- **What the task requires**: Once you have read the records below, report how many lines contain the word "rotation", and give nothing besides that number.

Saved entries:

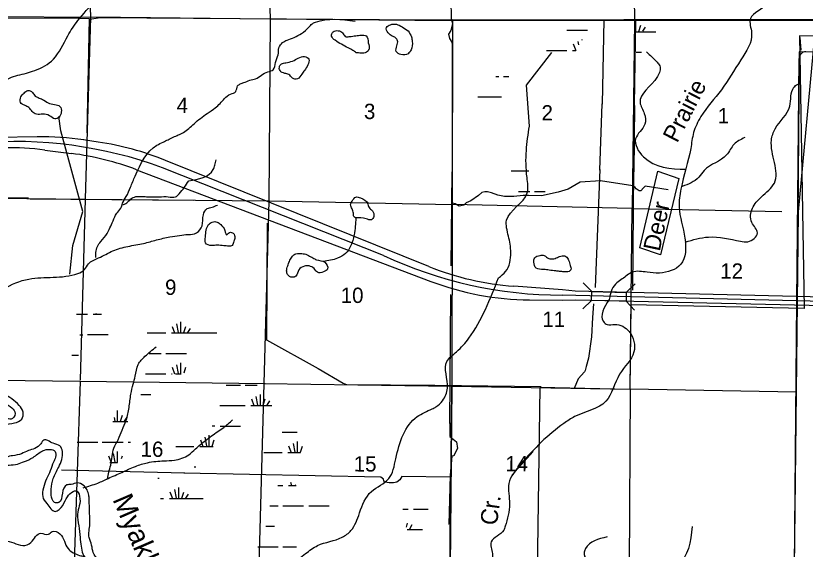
# Model space of a CAD drawing. Extents: x 408847 to 817539, y 923858 to 1151780.
# Drawn here: x 550386 to 573593, y 998249 to 1013912 of the extents above; entities that cross this region are included whole.
import ezdxf

# ---------------------------------------------------------------- set-up
doc = ezdxf.new("R2010")
doc.units = 0
for name, color, linetype in [('Bridges', 7, 'Continuous'), ('Cities Incorporated Area', 7, 'Continuous'), ('Cities Incorporated Linear Boundaries', 7, 'Continuous'), ('County Seat Names', 7, 'Continuous'), ('Interstate Divided Highway Outline and Fill', 7, 'Continuous'), ('Lakes and Ponds', 7, 'Continuous'), ('Level 4', 7, 'Continuous'), ('Level 42', 7, 'Continuous'), ('Level 43', 7, 'Continuous'), ('Local Roads Paved', 7, 'Continuous'), ('Masks for Text', 7, 'Continuous'), ('Narrow River Creek and Branch and Slough', 7, 'Continuous'), ('Section Lines', 7, 'Continuous'), ('Swamps', 7, 'Continuous'), ('Township  and Range lines', 7, 'Continuous')]:
    doc.layers.add(name, color=color, linetype=linetype)

msp = doc.modelspace()

# ---------------------------------------------------------------- linework, layer by layer
at = {"layer": 'Bridges'}
for p, q in [((567319, 1005812), (567069, 1006073)), ((568331, 1005790), (568593, 1006040)), ((567314, 1005556), (567052, 1005306)), ((568326, 1005534), (568576, 1005272))]:
    msp.add_line(p, q, dxfattribs=at)
msp.add_lwpolyline([(567319, 1005812), (568331, 1005790), (568326, 1005534), (567314, 1005556)], close=True, dxfattribs=at)
at = {"layer": 'Cities Incorporated Area'}
for p, q in [((573432, 1013277), (573459, 1012902)), ((573417, 1012850), (573359, 1005514)), ((574883, 1012843), (573417, 1012850))]:
    msp.add_line(p, q, dxfattribs=at)
at = {"layer": 'Cities Incorporated Linear Boundaries'}
msp.add_line((637441, 1012760), (573420, 1013321), dxfattribs=at)
msp.add_lwpolyline([(573420, 1013321), (573564, 1005314), (568463, 1005429), (568437, 1002942), (565795, 1002994), (565716, 997576), (573198, 997398)], dxfattribs=at)
at = {"layer": 'County Seat Names'}
msp.add_line((565594, 1001116), (564974, 1000432), dxfattribs=at)
at = {"layer": 'Interstate Divided Highway Outline and Fill'}
for p, q in [((551017, 1010356), (549286, 1010326)), ((552809, 1010205), (552381, 1010268)), ((551243, 1009969), (552024, 1009869)), ((562527, 1006552), (554785, 1009663)), ((553939, 1009391), (562586, 1006113)), ((566453, 1005862), (565028, 1005970)), ((566832, 1005826), (566453, 1005862)), ((574872, 1005634), (566832, 1005826)), ((565489, 1005568), (566446, 1005559)), ((566446, 1005559), (566838, 1005576)), ((566838, 1005576), (574866, 1005384))]:
    msp.add_line(p, q, dxfattribs=at)
for centre, start, end in [((551162, 1001957), 81.6527, 90.9877), ((551590, 1001894), 67.6435, 81.6527), ((550181, 1001636), 82.7354, 90.9825), ((550961, 1001537), 69.2361, 82.7354), ((565659, 1014346), 248.1082, 265.6949), ((565564, 1013967), 249.2361, 269.4847)]:
    msp.add_arc(centre, 8400, start, end, dxfattribs=at)
at = {"layer": 'Lakes and Ponds'}
for points in [[(561919, 1013470), (561742, 1013587), (561574, 1013663), (561398, 1013650), (561282, 1013571), (561333, 1013408), (561451, 1013318), (561551, 1013265), (561610, 1013177), (561588, 1013035), (561571, 1012867), (561707, 1012774), (561916, 1012797), (562007, 1012913), (562042, 1013161), (562014, 1013296), (561919, 1013470)], [(560394, 1012827), (560536, 1012817), (560696, 1012842), (560770, 1012936), (560749, 1013116), (560688, 1013319), (560538, 1013345), (560382, 1013328), (560190, 1013302), (560070, 1013309), (559995, 1013411), (559865, 1013474), (559715, 1013444), (559669, 1013318), (559774, 1013194), (559959, 1013075), (560161, 1012968), (560298, 1012896), (560394, 1012827)], [(558327, 1012531), (558197, 1012499), (558142, 1012434), (558154, 1012301), (558293, 1012221), (558411, 1012188), (558521, 1012082), (558666, 1012061), (558797, 1012201), (558875, 1012309), (558970, 1012470), (558996, 1012640), (558877, 1012715), (558691, 1012670), (558523, 1012584), (558327, 1012531)], [(550957, 1011556), (550875, 1011659), (550740, 1011721), (550628, 1011645), (550537, 1011536), (550525, 1011364), (550644, 1011283), (550770, 1011215), (550869, 1011100), (550993, 1011024), (551185, 1011023), (551374, 1010978), (551536, 1010887), (551656, 1010933), (551724, 1011085), (551685, 1011249), (551522, 1011308), (551336, 1011355), (551172, 1011455), (551041, 1011510), (550957, 1011556)], [(560368, 1007977), (560688, 1007950), (560841, 1007922), (560910, 1008019), (560868, 1008186), (560771, 1008284), (560729, 1008409), (560521, 1008562), (560381, 1008590), (560270, 1008464), (560228, 1008367), (560270, 1008242), (560312, 1008117), (560326, 1008019), (560368, 1007977)], [(556646, 1007146), (556746, 1007169), (556798, 1007291), (556827, 1007395), (556777, 1007525), (556665, 1007546), (556589, 1007478), (556532, 1007606), (556410, 1007779), (556307, 1007852), (556159, 1007856), (556055, 1007780), (555982, 1007619), (555959, 1007413), (555963, 1007244), (556142, 1007164), (556310, 1007175), (556500, 1007160), (556646, 1007146)], [(558908, 1006913), (558752, 1006934), (558584, 1006908), (558500, 1006829), (558428, 1006701), (558379, 1006567), (558347, 1006419), (558376, 1006315), (558516, 1006234), (558614, 1006262), (558708, 1006452), (558869, 1006559), (559007, 1006565), (559154, 1006488), (559254, 1006379), (559431, 1006393), (559554, 1006484), (559471, 1006673), (559227, 1006748), (559119, 1006804), (558992, 1006871), (558908, 1006913)], [(566367, 1006407), (566500, 1006392), (566650, 1006408), (566705, 1006457), (566685, 1006584), (566636, 1006734), (566556, 1006844), (566406, 1006857), (566274, 1006801), (566122, 1006774), (566056, 1006784), (565919, 1006871), (565797, 1006875), (565641, 1006806), (565618, 1006678), (565688, 1006501), (565901, 1006462), (566065, 1006444), (566265, 1006419), (566367, 1006407)], [(547442, 1005130), (547331, 1005237), (547493, 1005260), (547571, 1005382), (547564, 1005528), (547430, 1005437), (547284, 1005403), (547229, 1005165), (547384, 1004984), (547565, 1004838), (547797, 1004640), (547960, 1004528), (548321, 1004425), (548519, 1004477), (548640, 1004701), (548901, 1004582), (548914, 1004342), (548839, 1004022), (548798, 1003836), (548969, 1003549), (549296, 1003556), (549566, 1003551), (549671, 1003396), (549656, 1003130), (549675, 1002834), (549800, 1002597), (550030, 1002532), (550273, 1002399), (550370, 1002233), (550246, 1002065), (550176, 1002076), (550078, 1002056), (549871, 1001927), (549641, 1001749), (549410, 1001432), (549323, 1001232), (549609, 1000879), (549737, 1000804), (550189, 1000719), (550434, 1000749), (550638, 1000821), (550893, 1000943), (551175, 1001139), (551391, 1001180), (551539, 1001122), (551554, 1000953), (551493, 1000807), (551399, 1000550), (551290, 1000312), (551197, 1000050), (551176, 999794), (551297, 999591), (551544, 999360), (551764, 999535), (551901, 999791), (552076, 999943), (552147, 999964), (552261, 999804), (552199, 999274), (552235, 998939), (552276, 998595), (552305, 998336), (552358, 998112), (552513, 997885), (552774, 997628), (552855, 997484), (552889, 997059), (552928, 996889), (553030, 996450), (553162, 996104), (553223, 995930), (553366, 995645), (553539, 995441), (553937, 995145), (554070, 994961), (554230, 994560), (554179, 994348), (554028, 994088), (553870, 993849), (553777, 993717), (553726, 993885), (553766, 994043), (553670, 993934), (553595, 993726), (553672, 993395), (553773, 993193), (554034, 992884), (554508, 992537), (554814, 992224), (555087, 992071), (555316, 991844), (555628, 991809), (555813, 991708), (555947, 991557), (556166, 991338), (556245, 991272), (556145, 991270)], [(556967, 991429), (557052, 991111), (557243, 990870), (557353, 990585), (557376, 990343), (557253, 990497), (557042, 990760), (556902, 991007), (556685, 991310), (556410, 991625), (555987, 992063), (555716, 992269), (555303, 992562), (554898, 992712), (554737, 992789), (554419, 992930), (554007, 993202), (554112, 993552), (554207, 993742), (554498, 994189), (554677, 994492), (554708, 994752), (554440, 995110), (554137, 995307), (553998, 995382), (553727, 995639), (553456, 995842), (553385, 996163), (553371, 996505), (553326, 996791), (553228, 997198), (552998, 997859), (552801, 997968), (552662, 998147), (552615, 998367), (552544, 998588), (552563, 998984), (552558, 999228), (552542, 999717), (552531, 999831), (552376, 1000124), (552198, 1000194), (552010, 1000151), (551884, 1000135), (551754, 999892), (551647, 999618), (551523, 999624), (551430, 999839), (551424, 1000007), (551488, 1000323), (551647, 1000659), (551758, 1001117), (551681, 1001283), (551480, 1001358), (551208, 1001455), (551124, 1001345), (550942, 1001206), (550755, 1001143), (550557, 1001053), (550293, 1000994), (550105, 1000951), (550003, 1000921), (549764, 1000982), (549552, 1001083), (549545, 1001317), (549630, 1001491), (549811, 1001703), (550049, 1001888), (550343, 1001957), (550561, 1002066), (550600, 1002276), (550489, 1002471), (550266, 1002662), (550041, 1002803), (549869, 1002911), (549868, 1003130), (549873, 1003418), (549774, 1003628), (549629, 1003697), (549389, 1003766), (549213, 1003724), (548993, 1003761), (549004, 1003903), (549050, 1004009), (549099, 1004189), (549149, 1004295), (549148, 1004487), (549053, 1004658), (548904, 1004797), (548672, 1004875), (548507, 1004988), (548409, 1004941), (548404, 1004736), (548339, 1004588), (548204, 1004625), (548213, 1004873), (548245, 1005041)]]:
    msp.add_spline(points, degree=3, dxfattribs=at)
at = {"layer": 'Level 4'}
for p, q in [((561193, 1006874), (554699, 1009451)), ((574869, 1005509), (566446, 1005710))]:
    msp.add_line(p, q, dxfattribs=at)
for centre, radius, start, end in [((550364, 997633), 12588, 69.8563, 94.8621), ((566456, 1018190), 12480, 245.0537, 269.9539)]:
    msp.add_arc(centre, radius, start, end, dxfattribs=at)
at = {"layer": 'Local Roads Paved'}
for p, q in [((574227, 1013808), (562377, 1013786)), ((567676, 1013797), (567621, 1011322)), ((568599, 1013797), (568566, 1011289)), ((567614, 1011325), (567548, 1009378)), ((568570, 1011281), (568559, 1009334)), ((563206, 1009330), (563173, 1006569)), ((567559, 1009396), (567416, 1005931)), ((568548, 1009374), (568516, 1005854)), ((550761, 1008558), (547053, 1008583)), ((547053, 1008583), (550761, 1008558)), ((550812, 1008540), (555598, 1008501)), ((557778, 1007818), (557756, 1004387)), ((563162, 1005726), (563140, 1001943)), ((555354, 1000484), (551726, 1000572))]:
    msp.add_line(p, q, dxfattribs=at)
for points in [[(545161, 1013871), (552242, 1013844), (552543, 1013831), (552477, 1010472)], [(562441, 1013786), (552877, 1013852), (552551, 1013808)], [(563195, 1013811), (563228, 1013668), (563173, 1013481), (563107, 1013371), (563140, 1013250), (563206, 1013140), (563217, 1013074), (563217, 1009323)], [(569560, 1008802), (568889, 1008912), (568834, 1008857), (568757, 1008769), (568713, 1008769), (568625, 1008835), (568592, 1008868), (568527, 1008923), (567570, 1009066), (566977, 1009022), (566625, 1008824), (566328, 1008736), (565844, 1008626), (565460, 1008637), (565306, 1008637), (565031, 1008604), (564756, 1008604), (564558, 1008648), (564371, 1008714), (564250, 1008747), (564173, 1008747), (564085, 1008725), (563987, 1008637), (563767, 1008483), (563624, 1008417), (563558, 1008351), (563415, 1008318), (563305, 1008395), (563228, 1008406)], [(567372, 1005451), (567339, 1005055), (567306, 1004484), (567218, 1003857), (567152, 1003615), (567119, 1003494), (567108, 1003461), (566922, 1003252), (566801, 1002966)], [(557756, 1004398), (559273, 1003551), (560009, 1003122), (560108, 1003089), (562703, 1003067), (565835, 1003023)], [(563142, 1001958), (563142, 1001562), (563340, 1001397), (563373, 1001210), (563263, 1001001), (563263, 1000990), (563208, 1000979), (563153, 1000418), (563120, 998978)], [(563153, 1000363), (561735, 1000385), (561680, 1000286), (561592, 1000220), (561493, 1000198), (561361, 1000198), (561230, 1000220), (561208, 1000253), (561197, 1000308), (561120, 1000363), (555326, 1000484)], [(563143, 998950), (563143, 997657), (562937, 995034), (562506, 993347)]]:
    msp.add_lwpolyline(points, dxfattribs=at)
at = {"layer": 'Masks for Text'}
msp.add_lwpolyline([(569257, 1009346), (569879, 1009138), (569340, 1006897), (568728, 1007094)], close=True, dxfattribs=at)
at = {"layer": 'Narrow River Creek and Branch and Slough'}
for p, q in [((573351, 1005530), (573410, 1012659)), ((573215, 990277), (573351, 1005530))]:
    msp.add_line(p, q, dxfattribs=at)
for points in [[(565486, 1010669), (565395, 1011875), (566147, 1012830)], [(551713, 1010532), (551652, 1010953)], [(551979, 1006321), (552062, 1007168), (552360, 1008168), (551713, 1010532)]]:
    msp.add_lwpolyline(points, dxfattribs=at)
msp.add_arc((573610, 1012657), 200, 89.2586, 179.5275, dxfattribs=at)
for points in [[(545556, 1010531), (546088, 1010810), (546534, 1010879), (546967, 1011074), (548686, 1011309), (549439, 1011460), (550200, 1012085), (550446, 1012164), (550943, 1012303), (551491, 1012637), (551914, 1013322), (552212, 1013770), (553294, 1014878)], [(572350, 1014832), (572444, 1014262), (571982, 1013828), (572016, 1013412), (571700, 1012619), (571128, 1011741), (570526, 1010953), (570312, 1010481), (570227, 1010017), (569938, 1008826), (569885, 1008302), (570056, 1007380), (569935, 1006614), (569305, 1006358), (568944, 1006382), (568509, 1006382), (568215, 1006186), (568052, 1006074), (567910, 1005876)], [(553895, 1009205), (554536, 1010113), (554716, 1010201), (555009, 1010346), (555313, 1010487), (555626, 1010742), (556013, 1011045), (556251, 1011210), (556522, 1011479), (556700, 1011614), (556852, 1011690), (556907, 1011854), (556983, 1011910), (557089, 1011949), (557265, 1012019), (557435, 1012060), (557608, 1012165), (557800, 1012269), (557956, 1012330), (558025, 1012538), (558098, 1012770), (558122, 1012968), (558229, 1013126), (558365, 1013201), (558567, 1013277), (558786, 1013394), (559004, 1013581), (559094, 1013673), (559193, 1013723), (560358, 1013752)], [(568923, 1012853), (569239, 1012547), (569315, 1012443), (569251, 1012125), (568737, 1011362), (568863, 1011040), (568878, 1010725), (568607, 1010304), (568838, 1009773), (570092, 1009404)], [(570067, 1007268), (570745, 1007416), (571686, 1007292), (571904, 1007279), (572187, 1007536), (572022, 1007845), (572042, 1008259), (572305, 1008593), (572686, 1009002), (572599, 1010257), (572708, 1010591), (573139, 1011260), (573261, 1011814), (573365, 1011895), (573415, 1011909)], [(564577, 1006216), (564786, 1006403), (564937, 1006960), (564869, 1007443), (564815, 1007910), (565421, 1008710), (565415, 1009164), (565395, 1009959), (565486, 1010669)], [(571814, 1010334), (571500, 1010139), (571282, 1009826), (570621, 1009374), (570463, 1009170), (569974, 1008902)], [(555468, 1009066), (556190, 1009399), (556240, 1009528), (556281, 1009680)], [(552736, 1006812), (552743, 1006962), (552784, 1007136), (552888, 1007285), (553071, 1007519), (553152, 1007683), (553244, 1007889), (553355, 1008112), (553474, 1008266), (553526, 1008408), (553633, 1008602), (553756, 1008879), (553895, 1009205)], [(553510, 1008358), (553654, 1008421), (553762, 1008529), (553917, 1008601), (554150, 1008604), (554314, 1008595), (554608, 1008596), (554868, 1008597), (555082, 1008594), (555188, 1008684), (555468, 1009066)], [(549305, 1005417), (550768, 1006183), (552213, 1006347), (552407, 1006461), (552522, 1006630), (552820, 1006801), (553243, 1007010), (553679, 1007140), (554143, 1007229), (554521, 1007329), (554917, 1007420), (555201, 1007465), (555453, 1007490), (555701, 1007535), (555862, 1007748), (555901, 1008067), (556015, 1008252), (556159, 1008292), (556316, 1008355)], [(560382, 1007977), (560332, 1007480), (560229, 1007147), (560079, 1006934), (559845, 1006793), (559428, 1006696)], [(558131, 997539), (558904, 998118), (559259, 998356), (559980, 998599), (560239, 998796), (560491, 999313), (560841, 999944), (561350, 1000320), (561557, 1000907), (562187, 1002143), (562626, 1002372), (562737, 1002429), (562929, 1002610), (563075, 1002980), (563059, 1003765), (563342, 1004044), (563704, 1004444), (564577, 1006216)], [(567910, 1005876), (567868, 1005747), (567862, 1005726), (567852, 1005689), (567845, 1005661), (567827, 1005578)], [(567827, 1005578), (567663, 1004933), (567772, 1004845), (567990, 1004849), (568419, 1004637), (568556, 1004040), (568135, 1003386), (567731, 1002591), (566815, 1002141), (566496, 1001944), (565226, 1000745), (564884, 1000179), (564901, 999580), (564775, 998922), (564729, 998804), (564363, 998464), (564397, 998119), (564059, 997288), (563733, 996376)], [(553080, 1000311), (553119, 1000507), (553178, 1000719), (553221, 1000973), (553268, 1001219), (553396, 1001465), (553514, 1001749), (553631, 1002036), (553714, 1002408), (553770, 1002804), (553837, 1003096), (553898, 1003330), (553985, 1003676), (554184, 1003914), (554512, 1004195)], [(552364, 1000052), (552800, 1000192), (553104, 1000327), (553501, 1000504), (553901, 1000680), (554259, 1000789), (554743, 1000845), (555049, 1000866), (555469, 1001019), (555673, 1001198), (555962, 1001437), (556321, 1001704), (556499, 1001827), (556758, 1002048)], [(570273, 998915), (569842, 997834), (569419, 997650), (568998, 997032), (568042, 996544), (567427, 996008), (566944, 995314)], [(544876, 996094), (545549, 995837), (545993, 995759), (546469, 995792), (547327, 995806), (547632, 996093), (547922, 996560), (548363, 997012), (549242, 997304), (549564, 997637), (549943, 998428), (550060, 998479), (550593, 998358), (550828, 998445), (551123, 998720), (551343, 998687), (551453, 998765), (551681, 998701), (551921, 998268), (552262, 998068), (552385, 998033)], [(567772, 998611), (567134, 998268), (567096, 998164), (567379, 997636), (567396, 997412), (566752, 996499), (566589, 996381)]]:
    msp.add_spline(points, degree=3, dxfattribs=at)
at = {"layer": 'Section Lines'}
for p, q in [((552399, 1019198), (552579, 1013869)), ((557700, 1019173), (557859, 1013811)), ((563140, 1019135), (563184, 1013761)), ((568502, 1019123), (568577, 1013778)), ((552579, 1013869), (552430, 1008530)), ((557862, 1013811), (557824, 1008476)), ((563222, 1013761), (563214, 1008366)), ((568577, 1013778), (568509, 1008258)), ((547093, 1008583), (552430, 1008530)), ((552430, 1008530), (552283, 1003215)), ((552430, 1008530), (557824, 1008476)), ((557824, 1008476), (557678, 1003111)), ((557824, 1008476), (563214, 1008366)), ((563214, 1008366), (563206, 1003034)), ((568509, 1008258), (563214, 1008366)), ((568442, 1002949), (568509, 1008258)), ((568509, 1008258), (572909, 1008168)), ((546972, 1003254), (552282, 1003183)), ((552282, 1003183), (552100, 997856)), ((552282, 1003183), (557716, 1003110)), ((557678, 1003111), (557532, 997758)), ((557678, 1003111), (563206, 1003034)), ((563205, 1003034), (563151, 997679)), ((563151, 997673), (563205, 1003022)), ((563205, 1003034), (568442, 1002949)), ((568442, 1002949), (568421, 997592)), ((573323, 1002863), (568442, 1002949))]:
    msp.add_line(p, q, dxfattribs=at)
at = {"layer": 'Swamps'}
for p, q in [((566587, 1013494), (567196, 1013494)), ((568752, 1013626), (568691, 1013445)), ((568885, 1013577), (568812, 1013457)), ((566773, 1013087), (566845, 1012894)), ((555112, 1004864), (555160, 1004610)), ((555232, 1004925), (555232, 1004598)), ((554979, 1004792), (555051, 1004598)), ((555377, 1004780), (555317, 1004598)), ((555510, 1004731), (555438, 1004610)), ((552491, 1004550), (553100, 1004550)), ((554961, 1004598), (555561, 1004598)), ((555561, 1004598), (556292, 1004598)), ((555232, 1003725), (555232, 1003398)), ((555112, 1003664), (555160, 1003410)), ((557565, 1002795), (557565, 1002469)), ((557311, 1002662), (557383, 1002469)), ((557444, 1002735), (557492, 1002481)), ((557710, 1002650), (557649, 1002469)), ((557843, 1002602), (557770, 1002481)), ((553368, 1002322), (553368, 1001995)), ((556393, 1002469), (557124, 1002469)), ((557293, 1002469), (557893, 1002469)), ((553513, 1002177), (553453, 1001995)), ((553646, 1002128), (553573, 1002007)), ((556390, 1001866), (556990, 1001866)), ((552194, 1001393), (552794, 1001393)), ((552928, 1001395), (553538, 1001395)), ((555811, 1001462), (555883, 1001269)), ((555944, 1001535), (555992, 1001281)), ((556065, 1001595), (556065, 1001269)), ((558658, 1001413), (558658, 1001087)), ((558404, 1001280), (558477, 1001087)), ((558537, 1001353), (558585, 1001099)), ((553247, 1001061), (553296, 1000807)), ((553368, 1001122), (553368, 1000795)), ((555051, 1000002), (555099, 999748)), ((555172, 1000062), (555172, 999736)), ((554918, 999929), (554991, 999736)), ((555317, 999917), (555256, 999736)), ((555450, 999869), (555377, 999748)), ((554901, 999736), (555501, 999736)), ((558237, 999521), (558846, 999521)), ((559002, 999519), (559602, 999519)), ((562027, 998960), (561955, 998840)), ((557502, 998319), (558102, 998319))]:
    msp.add_line(p, q, dxfattribs=at)
for points in [[(568569, 1013445), (568936, 1013445)], [(568607, 1013583), (568607, 1013445)], [(568936, 1013445), (569204, 1013445)], [(567026, 1013220), (567026, 1013192)], [(566906, 1013160), (566925, 1013060)], [(565984, 1012894), (566586, 1012894)], [(566755, 1012894), (566848, 1012894)], [(568627, 1012845), (568777, 1012845)], [(564499, 1012127), (564590, 1012127)], [(564725, 1012130), (564880, 1012130)], [(563966, 1011530), (563993, 1011530)], [(563993, 1011530), (564661, 1011530)], [(564946, 1009356), (565464, 1009356)], [(565161, 1008753), (565499, 1008753)], [(565634, 1008756), (565952, 1008756)], [(552167, 1005150), (552490, 1005150)], [(552659, 1005150), (552904, 1005150)], [(552739, 1005176), (552749, 1005150)], [(552272, 1004548), (552356, 1004548)], [(554248, 1004598), (554792, 1004598)], [(552032, 1003950), (552230, 1003950)], [(554309, 1003996), (554658, 1003996)], [(554793, 1003998), (555400, 1003998)], [(554979, 1003592), (555051, 1003400)], [(555377, 1003580), (555323, 1003417)], [(554194, 1003398), (554792, 1003398)], [(554961, 1003398), (554983, 1003398)], [(555080, 1003398), (555250, 1003398)], [(556574, 1003066), (556990, 1003066)], [(557125, 1003069), (557479, 1003069)], [(554058, 1002796), (554358, 1002796)], [(556383, 1002469), (556393, 1002469)], [(557893, 1002469), (557915, 1002469)], [(553276, 1002112), (553296, 1002007)], [(553240, 1001995), (553684, 1001995)], [(556162, 1001869), (556234, 1001869)], [(558218, 1001687), (558654, 1001687)], [(553694, 1001393), (553755, 1001393)], [(556210, 1001450), (556149, 1001269)], [(555095, 1001269), (555624, 1001269)], [(555793, 1001269), (556190, 1001269)], [(558803, 1001268), (558743, 1001087)], [(553114, 1000989), (553187, 1000795)], [(553513, 1000977), (553487, 1000899)], [(557682, 1001087), (558217, 1001087)], [(558387, 1001087), (558759, 1001087)], [(553150, 1000795), (553379, 1000795)], [(555625, 1000669), (555675, 1000669)], [(554559, 1000333), (554597, 1000333)], [(558091, 1000121), (558236, 1000121)], [(558405, 1000121), (558629, 1000121)], [(558461, 1000213), (558495, 1000121)], [(558603, 1000135), (558604, 1000133)], [(554637, 999736), (554731, 999736)], [(555501, 999736), (555890, 999736)], [(557852, 999519), (558102, 999519)], [(561766, 999428), (561919, 999428)], [(562075, 999425), (562507, 999425)], [(557734, 998921), (557990, 998921)], [(561895, 999009), (561857, 998895)], [(561896, 998828), (562078, 998828)], [(562078, 998828), (562343, 998828)], [(558237, 998321), (558636, 998321)]]:
    msp.add_lwpolyline(points, dxfattribs=at)
at = {"layer": 'Township  and Range lines'}
for p, q in [((547220, 1013906), (552579, 1013869)), ((557859, 1013811), (552579, 1013869)), ((563184, 1013761), (557862, 1013811)), ((568577, 1013778), (563222, 1013761)), ((568577, 1013778), (573913, 1013783)), ((573867, 1013321), (573385, 1008159)), ((573385, 1008158), (573323, 1002863)), ((573323, 1002863), (573261, 997526))]:
    msp.add_line(p, q, dxfattribs=at)

# ---------------------------------------------------------------- texts
at = {"layer": 'Level 42'}
for s, height, rotation, p in [('Prairie', 500, 62.8655, (569826, 1010157)), ('Deer', 500, 78.0235, (569315, 1006974)), ('Myakka', 600, 293.2787, (553220, 999712)), ('Cr.', 500, 82.4051, (564529, 998930))]:
    msp.add_text(s, height=height, rotation=rotation, dxfattribs=at).set_placement(p)
at = {"layer": 'Level 43'}
for s, p in [('4', (555115, 1011061)), ('3', (560620, 1010881)), ('2', (565840, 1010839)), ('1', (571021, 1010756)), ('12', (571095, 1006194)), ('9', (554773, 1005717)), ('10', (559937, 1005482)), ('11', (565865, 1004777)), ('16', (554054, 1000962)), ('15', (560319, 1000531)), ('14', (564776, 1000534))]:
    msp.add_text(s, height=450, rotation=359.7207, dxfattribs=at).set_placement(p)

doc.saveas('drawing.dxf')

- **Task result**: 3